# Interpretation of ordinal logistic regression

I ran this ordinal logistic regression in R:

``````mtcars_ordinal <- polr(as.factor(carb) ~ mpg, mtcars)
``````

I got this summary of the model:

``````summary(mtcars_ordinal)

Re-fitting to get Hessian

Call:
polr(formula = as.factor(carb) ~ mpg, data = mtcars)

Coefficients:
Value Std. Error t value
mpg -0.2335    0.06855  -3.406

Intercepts:
Value   Std. Error t value
1|2 -6.4706  1.6443    -3.9352
2|3 -4.4158  1.3634    -3.2388
3|4 -3.8508  1.3087    -2.9425
4|6 -1.2829  1.3254    -0.9679
6|8 -0.5544  1.5018    -0.3692

Residual Deviance: 81.36633
AIC: 93.36633
``````

I can get the log odds of the coefficient for `mpg` like this:

``````exp(coef(mtcars_ordinal))
mpg
0.7917679
``````

And the the log odds of the thresholds like:

``````exp(mtcars_ordinal\$zeta)

1|2         2|3         3|4         4|6         6|8
0.001548286 0.012084834 0.021262900 0.277242397 0.574406353
``````

Could someone tell me if my interpretation of this model is correct:

As `mpg` increases by one unit, the odds of moving from category 1 of `carb` into any of the other 5 categories, decreases by -0.23. If the log odds crosses the threshold of 0.0015, then the predicted value for a car will be category 2 of `carb`. If the log odds crosses the threshold of 0.0121, then the predicted value for a car will be category 3 of `carb`, and so on.

You have perfectly confused odds and log odds. Log odds are the coefficients; odds are exponentiated coefficients. Besides, the odds interpretation goes the other way round. (I grew up with econometrics thinking about the limited dependent variables, and the odds interpretation of the ordinal regression is… uhm… amusing to me.) So your first statement should read, “As `mpg` increases by one unit, the odds of observing category 1 of `carb` vs. other 5 categories increase by 21%.”

As far as the interpretation of the thresholds goes, you really have to plot all of the predicted curves to be able to say what the modal prediction is:

``````mpg   <- seq(from=5, to=40, by=1)
xbeta <- mpg*(-0.2335)
logistic_cdf <- function(x) {
return( 1/(1+exp(-x) ) )
}

p1 <- logistic_cdf( -6.4706 - xbeta )
p2 <- logistic_cdf( -4.4158 - xbeta ) - logistic_cdf( -6.4706 - xbeta )
p3 <- logistic_cdf( -3.8508 - xbeta ) - logistic_cdf( -4.4158 - xbeta )
p4 <- logistic_cdf( -1.2829 - xbeta ) - logistic_cdf( -3.8508 - xbeta )
p6 <- logistic_cdf( -0.5544 - xbeta ) - logistic_cdf( -1.2829 - xbeta )
p8 <- 1 - logistic_cdf( -0.5544 - xbeta )

plot(mpg, p1, type='l', ylab='Prob')
lines(mpg, p2, col='red')
lines(mpg, p3, col='blue')
lines(mpg, p4, col='green')
lines(mpg, p6, col='purple')
lines(mpg, p8, col='brown')
legend("topleft", lty=1, col=c("black", "red", "blue", "green", "purple", "brown"),
legend=c("carb 1", "carb 2", "carb 3", "carb 4", "carb 5", "carb 6"))
``````

The blue curve for the 3rd category never picked up, and neither did the purple curve for the 6th category.

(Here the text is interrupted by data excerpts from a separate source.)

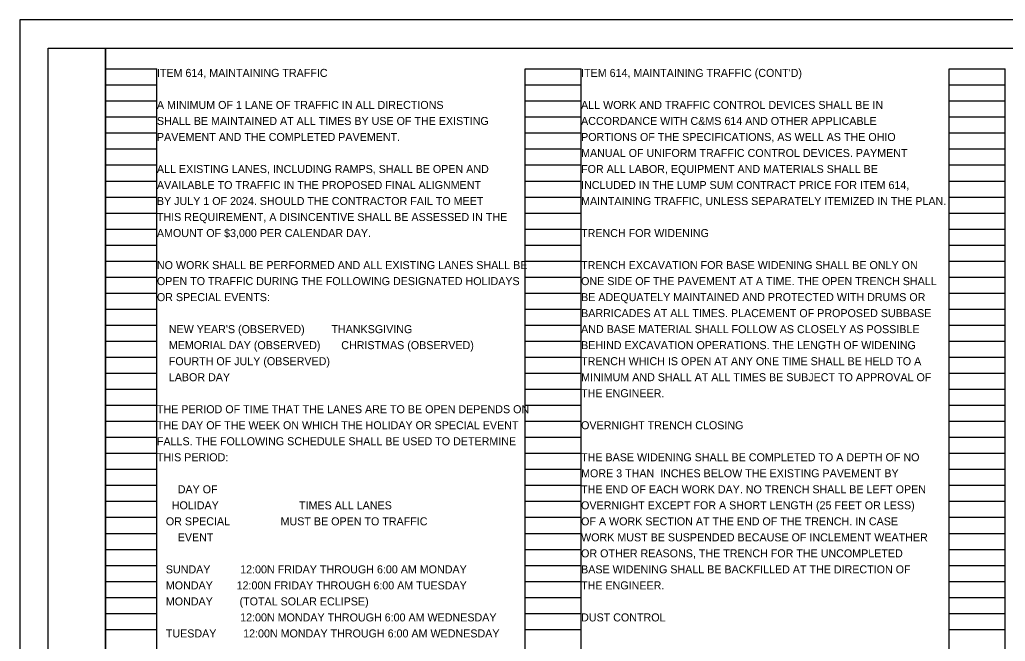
# Model space of a CAD drawing. Extents: x 0 to 34, y 0 to 22.
# Drawn here: x 0 to 17.24, y 11.13 to 22 of the extents above; entities that cross this region are included whole.
import ezdxf

# ---------------------------------------------------------------- set-up
doc = ezdxf.new("R2010")
doc.units = 0
for name, color, linetype in [('SC_Scratch1', 7, 'Continuous'), ('SH_Border', 7, 'Continuous'), ('SH_Cut_Line', 7, 'Continuous'), ('SH_Text', 7, 'Continuous')]:
    doc.layers.add(name, color=color, linetype=linetype)

msp = doc.modelspace()

# ---------------------------------------------------------------- linework, layer by layer
at = {"layer": 'SC_Scratch1'}
for p, q in [((1.5, 0.98), (1.5, 21.14)), ((1.5, 21.14), (2.4, 21.14)), ((2.4, 0.98), (2.4, 21.14)), ((8.84, 0.98), (8.84, 21.14)), ((8.84, 21.14), (9.82, 21.14)), ((9.82, 0.98), (9.82, 21.14)), ((16.26, 0.98), (16.26, 21.14)), ((16.26, 21.14), (17.24, 21.14)), ((17.24, 0.98), (17.24, 21.14)), ((1.5, 20.86), (2.4, 20.86)), ((8.84, 20.86), (9.82, 20.86)), ((16.26, 20.86), (17.24, 20.86)), ((1.5, 20.58), (2.4, 20.58)), ((8.84, 20.58), (9.82, 20.58)), ((16.26, 20.58), (17.24, 20.58)), ((1.5, 20.3), (2.4, 20.3)), ((8.84, 20.3), (9.82, 20.3)), ((16.26, 20.3), (17.24, 20.3)), ((1.5, 20.02), (2.4, 20.02)), ((8.84, 20.02), (9.82, 20.02)), ((16.26, 20.02), (17.24, 20.02)), ((1.5, 19.74), (2.4, 19.74)), ((8.84, 19.74), (9.82, 19.74)), ((16.26, 19.74), (17.24, 19.74)), ((1.5, 19.46), (2.4, 19.46)), ((8.84, 19.46), (9.82, 19.46)), ((16.26, 19.46), (17.24, 19.46)), ((1.5, 19.18), (2.4, 19.18)), ((8.84, 19.18), (9.82, 19.18)), ((16.26, 19.18), (17.24, 19.18)), ((1.5, 18.9), (2.4, 18.9)), ((8.84, 18.9), (9.82, 18.9)), ((16.26, 18.9), (17.24, 18.9)), ((1.5, 18.62), (2.4, 18.62)), ((8.84, 18.62), (9.82, 18.62)), ((16.26, 18.62), (17.24, 18.62)), ((1.5, 18.34), (2.4, 18.34)), ((8.84, 18.34), (9.82, 18.34)), ((16.26, 18.34), (17.24, 18.34)), ((1.5, 18.06), (2.4, 18.06)), ((8.84, 18.06), (9.82, 18.06)), ((16.26, 18.06), (17.24, 18.06)), ((1.5, 17.78), (2.4, 17.78)), ((8.84, 17.78), (9.82, 17.78)), ((16.26, 17.78), (17.24, 17.78)), ((1.5, 17.5), (2.4, 17.5)), ((8.84, 17.5), (9.82, 17.5)), ((16.26, 17.5), (17.24, 17.5)), ((1.5, 17.22), (2.4, 17.22)), ((8.84, 17.22), (9.82, 17.22)), ((16.26, 17.22), (17.24, 17.22)), ((1.5, 16.94), (2.4, 16.94)), ((8.84, 16.94), (9.82, 16.94)), ((16.26, 16.94), (17.24, 16.94)), ((1.5, 16.66), (2.4, 16.66)), ((8.84, 16.66), (9.82, 16.66)), ((16.26, 16.66), (17.24, 16.66)), ((1.5, 16.38), (2.4, 16.38)), ((8.84, 16.38), (9.82, 16.38)), ((16.26, 16.38), (17.24, 16.38)), ((1.5, 16.1), (2.4, 16.1)), ((8.84, 16.1), (9.82, 16.1)), ((16.26, 16.1), (17.24, 16.1)), ((1.5, 15.82), (2.4, 15.82)), ((8.84, 15.82), (9.82, 15.82)), ((16.26, 15.82), (17.24, 15.82)), ((1.5, 15.54), (2.4, 15.54)), ((8.84, 15.54), (9.82, 15.54)), ((16.26, 15.54), (17.24, 15.54)), ((1.5, 15.26), (2.4, 15.26)), ((8.84, 15.26), (9.82, 15.26)), ((16.26, 15.26), (17.24, 15.26)), ((1.5, 14.98), (2.4, 14.98)), ((8.84, 14.98), (9.82, 14.98)), ((16.26, 14.98), (17.24, 14.98)), ((1.5, 14.7), (2.4, 14.7)), ((8.84, 14.7), (9.82, 14.7)), ((16.26, 14.7), (17.24, 14.7)), ((1.5, 14.42), (2.4, 14.42)), ((8.84, 14.42), (9.82, 14.42)), ((16.26, 14.42), (17.24, 14.42)), ((1.5, 14.14), (2.4, 14.14)), ((8.84, 14.14), (9.82, 14.14)), ((16.26, 14.14), (17.24, 14.14)), ((1.5, 13.86), (2.4, 13.86)), ((8.84, 13.86), (9.82, 13.86)), ((16.26, 13.86), (17.24, 13.86)), ((1.5, 13.58), (2.4, 13.58)), ((8.84, 13.58), (9.82, 13.58)), ((16.26, 13.58), (17.24, 13.58)), ((1.5, 13.3), (2.4, 13.3)), ((8.84, 13.3), (9.82, 13.3)), ((16.26, 13.3), (17.24, 13.3)), ((1.5, 13.02), (2.4, 13.02)), ((8.84, 13.02), (9.82, 13.02)), ((16.26, 13.02), (17.24, 13.02)), ((1.5, 12.74), (2.4, 12.74)), ((8.84, 12.74), (9.82, 12.74)), ((16.26, 12.74), (17.24, 12.74)), ((1.5, 12.46), (2.4, 12.46)), ((8.84, 12.46), (9.82, 12.46)), ((16.26, 12.46), (17.24, 12.46)), ((1.5, 12.18), (2.4, 12.18)), ((8.84, 12.18), (9.82, 12.18)), ((16.26, 12.18), (17.24, 12.18)), ((1.5, 11.9), (2.4, 11.9)), ((8.84, 11.9), (9.82, 11.9)), ((16.26, 11.9), (17.24, 11.9)), ((1.5, 11.62), (2.4, 11.62)), ((8.84, 11.62), (9.82, 11.62)), ((16.26, 11.62), (17.24, 11.62)), ((1.5, 11.34), (2.4, 11.34)), ((8.84, 11.34), (9.82, 11.34)), ((16.26, 11.34), (17.24, 11.34))]:
    msp.add_line(p, q, dxfattribs=at)
at = {"layer": 'SH_Border'}
for points in [[(0.5, 21.5), (1.5, 21.5), (1.5, 0.5), (0.5, 0.5)], [(1.5, 21.5), (33.5, 21.5), (33.5, 0.5), (1.5, 0.5)]]:
    msp.add_lwpolyline(points, close=True, dxfattribs=at)
at = {"layer": 'SH_Cut_Line'}
msp.add_lwpolyline([(0, 0), (34, 0), (34, 22), (0, 22)], close=True, dxfattribs=at)

# ---------------------------------------------------------------- texts
at = {"layer": 'SH_Text'}
for s, p in [('ITEM 614, MAINTAINING TRAFFIC', (2.4, 21)), ("ITEM 614, MAINTAINING TRAFFIC (CONT'D)", (9.82, 21)), ('A MINIMUM OF 1 LANE OF TRAFFIC IN ALL DIRECTIONS', (2.4, 20.44)), ('ALL WORK AND TRAFFIC CONTROL DEVICES SHALL BE IN', (9.82, 20.44)), ('SHALL BE MAINTAINED AT ALL TIMES BY USE OF THE EXISTING', (2.4, 20.16)), ('ACCORDANCE WITH C&MS 614 AND OTHER APPLICABLE', (9.82, 20.16)), ('PAVEMENT AND THE COMPLETED PAVEMENT.', (2.4, 19.88)), ('PORTIONS OF THE SPECIFICATIONS, AS WELL AS THE OHIO', (9.82, 19.88)), ('MANUAL OF UNIFORM TRAFFIC CONTROL DEVICES. PAYMENT', (9.82, 19.6)), ('ALL EXISTING LANES, INCLUDING RAMPS, SHALL BE OPEN AND', (2.4, 19.32)), ('FOR ALL LABOR, EQUIPMENT AND MATERIALS SHALL BE', (9.82, 19.32)), ('AVAILABLE TO TRAFFIC IN THE PROPOSED FINAL ALIGNMENT', (2.4, 19.04)), ('INCLUDED IN THE LUMP SUM CONTRACT PRICE FOR ITEM 614,', (9.82, 19.04)), ('BY JULY 1 OF 2024. SHOULD THE CONTRACTOR FAIL TO MEET', (2.4, 18.76)), ('MAINTAINING TRAFFIC, UNLESS SEPARATELY ITEMIZED IN THE PLAN.', (9.82, 18.76)), ('THIS REQUIREMENT, A DISINCENTIVE SHALL BE ASSESSED IN THE', (2.4, 18.48)), ('AMOUNT OF $3,000 PER CALENDAR DAY.', (2.4, 18.2)), ('TRENCH FOR WIDENING', (9.82, 18.2)), ('NO WORK SHALL BE PERFORMED AND ALL EXISTING LANES SHALL BE', (2.4, 17.64)), ('TRENCH EXCAVATION FOR BASE WIDENING SHALL BE ONLY ON', (9.82, 17.64)), ('OPEN TO TRAFFIC DURING THE FOLLOWING DESIGNATED HOLIDAYS', (2.4, 17.36)), ('ONE SIDE OF THE PAVEMENT AT A TIME. THE OPEN TRENCH SHALL', (9.82, 17.36)), ('OR SPECIAL EVENTS:', (2.4, 17.08)), ('BE ADEQUATELY MAINTAINED AND PROTECTED WITH DRUMS OR', (9.82, 17.08)), ('BARRICADES AT ALL TIMES. PLACEMENT OF PROPOSED SUBBASE', (9.82, 16.8)), ("    NEW YEAR'S (OBSERVED)         THANKSGIVING   ", (2.4, 16.52)), ('AND BASE MATERIAL SHALL FOLLOW AS CLOSELY AS POSSIBLE', (9.82, 16.52)), ('    MEMORIAL DAY (OBSERVED)       CHRISTMAS (OBSERVED)', (2.4, 16.24)), ('BEHIND EXCAVATION OPERATIONS. THE LENGTH OF WIDENING', (9.82, 16.24)), ('    FOURTH OF JULY (OBSERVED)', (2.4, 15.96)), ('TRENCH WHICH IS OPEN AT ANY ONE TIME SHALL BE HELD TO A', (9.82, 15.96)), ('    LABOR DAY', (2.4, 15.68)), ('MINIMUM AND SHALL AT ALL TIMES BE SUBJECT TO APPROVAL OF', (9.82, 15.68)), ('THE ENGINEER.', (9.82, 15.4)), ('THE PERIOD OF TIME THAT THE LANES ARE TO BE OPEN DEPENDS ON', (2.4, 15.12)), ('THE DAY OF THE WEEK ON WHICH THE HOLIDAY OR SPECIAL EVENT', (2.4, 14.84)), ('OVERNIGHT TRENCH CLOSING', (9.82, 14.84)), ('FALLS. THE FOLLOWING SCHEDULE SHALL BE USED TO DETERMINE', (2.4, 14.56)), ('THIS PERIOD:', (2.4, 14.28)), ('THE BASE WIDENING SHALL BE COMPLETED TO A DEPTH OF NO', (9.82, 14.28)), ('MORE 3 THAN  INCHES BELOW THE EXISTING PAVEMENT BY', (9.82, 14)), ('       DAY OF', (2.4, 13.72)), ('THE END OF EACH WORK DAY. NO TRENCH SHALL BE LEFT OPEN', (9.82, 13.72)), ('     HOLIDAY                           TIMES ALL LANES', (2.4, 13.44)), ('OVERNIGHT EXCEPT FOR A SHORT LENGTH (25 FEET OR LESS)', (9.82, 13.44)), ('   OR SPECIAL                 MUST BE OPEN TO TRAFFIC', (2.4, 13.16)), ('OF A WORK SECTION AT THE END OF THE TRENCH. IN CASE', (9.82, 13.16)), ('       EVENT', (2.4, 12.88)), ('WORK MUST BE SUSPENDED BECAUSE OF INCLEMENT WEATHER', (9.82, 12.88)), ('OR OTHER REASONS, THE TRENCH FOR THE UNCOMPLETED', (9.82, 12.6)), ('   SUNDAY          12:00N FRIDAY THROUGH 6:00 AM MONDAY', (2.4, 12.32)), ('BASE WIDENING SHALL BE BACKFILLED AT THE DIRECTION OF', (9.82, 12.32)), ('   MONDAY        12:00N FRIDAY THROUGH 6:00 AM TUESDAY', (2.4, 12.04)), ('THE ENGINEER.', (9.82, 12.04)), ('   MONDAY         (TOTAL SOLAR ECLIPSE)', (2.4, 11.76)), ('                            12:00N MONDAY THROUGH 6:00 AM WEDNESDAY', (2.4, 11.48)), ('DUST CONTROL', (9.82, 11.48)), ('   TUESDAY         12:00N MONDAY THROUGH 6:00 AM WEDNESDAY', (2.4, 11.2))]:
    msp.add_text(s, height=0.14, dxfattribs=at).set_placement(p)

doc.saveas('drawing.dxf')

So if anything I would say that for values of `mpg` above 27 have, the most likely category is 1; between 18 and 27, category 2; between 4 and 18, category 4; and below 4, category 8. (I wonder what it is that you are studying — commercial trucks? Most passenger cars these days should have mpg > 25). You may want to try to determine the intersection points more accurately.

I also noticed that you have these weird categories that go 1, 2, 3, 4, then 6 (skipping 5), then 8 (skipping 7). If 5 and 7 were missing by design, that’s fine. If these are valid categories that `carb` just does not fall into, this is not good.